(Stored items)
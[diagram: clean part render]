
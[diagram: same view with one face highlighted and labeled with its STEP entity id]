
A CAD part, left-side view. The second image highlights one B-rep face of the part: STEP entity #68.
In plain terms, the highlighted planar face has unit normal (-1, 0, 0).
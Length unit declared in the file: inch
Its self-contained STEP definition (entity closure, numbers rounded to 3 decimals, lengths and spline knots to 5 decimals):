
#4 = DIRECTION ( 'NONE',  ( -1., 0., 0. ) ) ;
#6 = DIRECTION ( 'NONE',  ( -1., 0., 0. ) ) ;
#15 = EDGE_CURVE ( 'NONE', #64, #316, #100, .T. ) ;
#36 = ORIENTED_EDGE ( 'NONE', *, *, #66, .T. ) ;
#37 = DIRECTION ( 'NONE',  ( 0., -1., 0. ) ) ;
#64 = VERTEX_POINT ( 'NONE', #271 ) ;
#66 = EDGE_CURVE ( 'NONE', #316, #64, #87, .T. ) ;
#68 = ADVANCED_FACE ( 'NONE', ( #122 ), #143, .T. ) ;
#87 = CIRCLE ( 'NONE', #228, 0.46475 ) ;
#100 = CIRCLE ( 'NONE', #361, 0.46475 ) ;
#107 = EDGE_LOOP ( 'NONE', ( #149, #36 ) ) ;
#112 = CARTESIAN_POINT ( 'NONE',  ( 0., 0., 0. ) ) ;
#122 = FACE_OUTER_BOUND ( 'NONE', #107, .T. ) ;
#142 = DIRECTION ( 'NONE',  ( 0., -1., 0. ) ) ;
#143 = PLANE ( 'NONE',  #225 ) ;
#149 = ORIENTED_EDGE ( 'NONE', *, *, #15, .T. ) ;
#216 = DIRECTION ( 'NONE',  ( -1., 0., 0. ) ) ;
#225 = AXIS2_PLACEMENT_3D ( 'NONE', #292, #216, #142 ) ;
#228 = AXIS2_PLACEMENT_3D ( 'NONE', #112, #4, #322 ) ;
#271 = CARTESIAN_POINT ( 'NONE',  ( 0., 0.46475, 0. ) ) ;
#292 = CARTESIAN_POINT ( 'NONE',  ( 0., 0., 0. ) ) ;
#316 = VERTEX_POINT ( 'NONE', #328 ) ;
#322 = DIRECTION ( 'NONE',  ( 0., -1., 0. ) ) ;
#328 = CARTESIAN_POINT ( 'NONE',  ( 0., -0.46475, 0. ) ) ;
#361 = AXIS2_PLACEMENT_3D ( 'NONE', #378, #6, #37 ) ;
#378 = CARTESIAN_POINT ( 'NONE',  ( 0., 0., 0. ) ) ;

◆ Task to complete ◆
Each of the entries must be set down exactly, none omitted.

◆ Reply to the task ◆
[diagram: clean part render]
[diagram: same view with one face highlighted and labeled with its STEP entity id]
A CAD part, left-side view. The second image highlights one B-rep face of the part: STEP entity #68.
In plain terms, the highlighted planar face has unit normal (-1, 0, 0).
Length unit declared in the file: inch
Its self-contained STEP definition (entity closure, numbers rounded to 3 decimals, lengths and spline knots to 5 decimals):
#4 = DIRECTION ( 'NONE',  ( -1., 0., 0. ) ) ;
#6 = DIRECTION ( 'NONE',  ( -1., 0., 0. ) ) ;
#15 = EDGE_CURVE ( 'NONE', #64, #316, #100, .T. ) ;
#36 = ORIENTED_EDGE ( 'NONE', *, *, #66, .T. ) ;
#37 = DIRECTION ( 'NONE',  ( 0., -1., 0. ) ) ;
#64 = VERTEX_POINT ( 'NONE', #271 ) ;
#66 = EDGE_CURVE ( 'NONE', #316, #64, #87, .T. ) ;
#68 = ADVANCED_FACE ( 'NONE', ( #122 ), #143, .T. ) ;
#87 = CIRCLE ( 'NONE', #228, 0.46475 ) ;
#100 = CIRCLE ( 'NONE', #361, 0.46475 ) ;
#107 = EDGE_LOOP ( 'NONE', ( #149, #36 ) ) ;
#112 = CARTESIAN_POINT ( 'NONE',  ( 0., 0., 0. ) ) ;
#122 = FACE_OUTER_BOUND ( 'NONE', #107, .T. ) ;
#142 = DIRECTION ( 'NONE',  ( 0., -1., 0. ) ) ;
#143 = PLANE ( 'NONE',  #225 ) ;
#149 = ORIENTED_EDGE ( 'NONE', *, *, #15, .T. ) ;
#216 = DIRECTION ( 'NONE',  ( -1., 0., 0. ) ) ;
#225 = AXIS2_PLACEMENT_3D ( 'NONE', #292, #216, #142 ) ;
#228 = AXIS2_PLACEMENT_3D ( 'NONE', #112, #4, #322 ) ;
#271 = CARTESIAN_POINT ( 'NONE',  ( 0., 0.46475, 0. ) ) ;
#292 = CARTESIAN_POINT ( 'NONE',  ( 0., 0., 0. ) ) ;
#316 = VERTEX_POINT ( 'NONE', #328 ) ;
#322 = DIRECTION ( 'NONE',  ( 0., -1., 0. ) ) ;
#328 = CARTESIAN_POINT ( 'NONE',  ( 0., -0.46475, 0. ) ) ;
#361 = AXIS2_PLACEMENT_3D ( 'NONE', #378, #6, #37 ) ;
#378 = CARTESIAN_POINT ( 'NONE',  ( 0., 0., 0. ) ) ;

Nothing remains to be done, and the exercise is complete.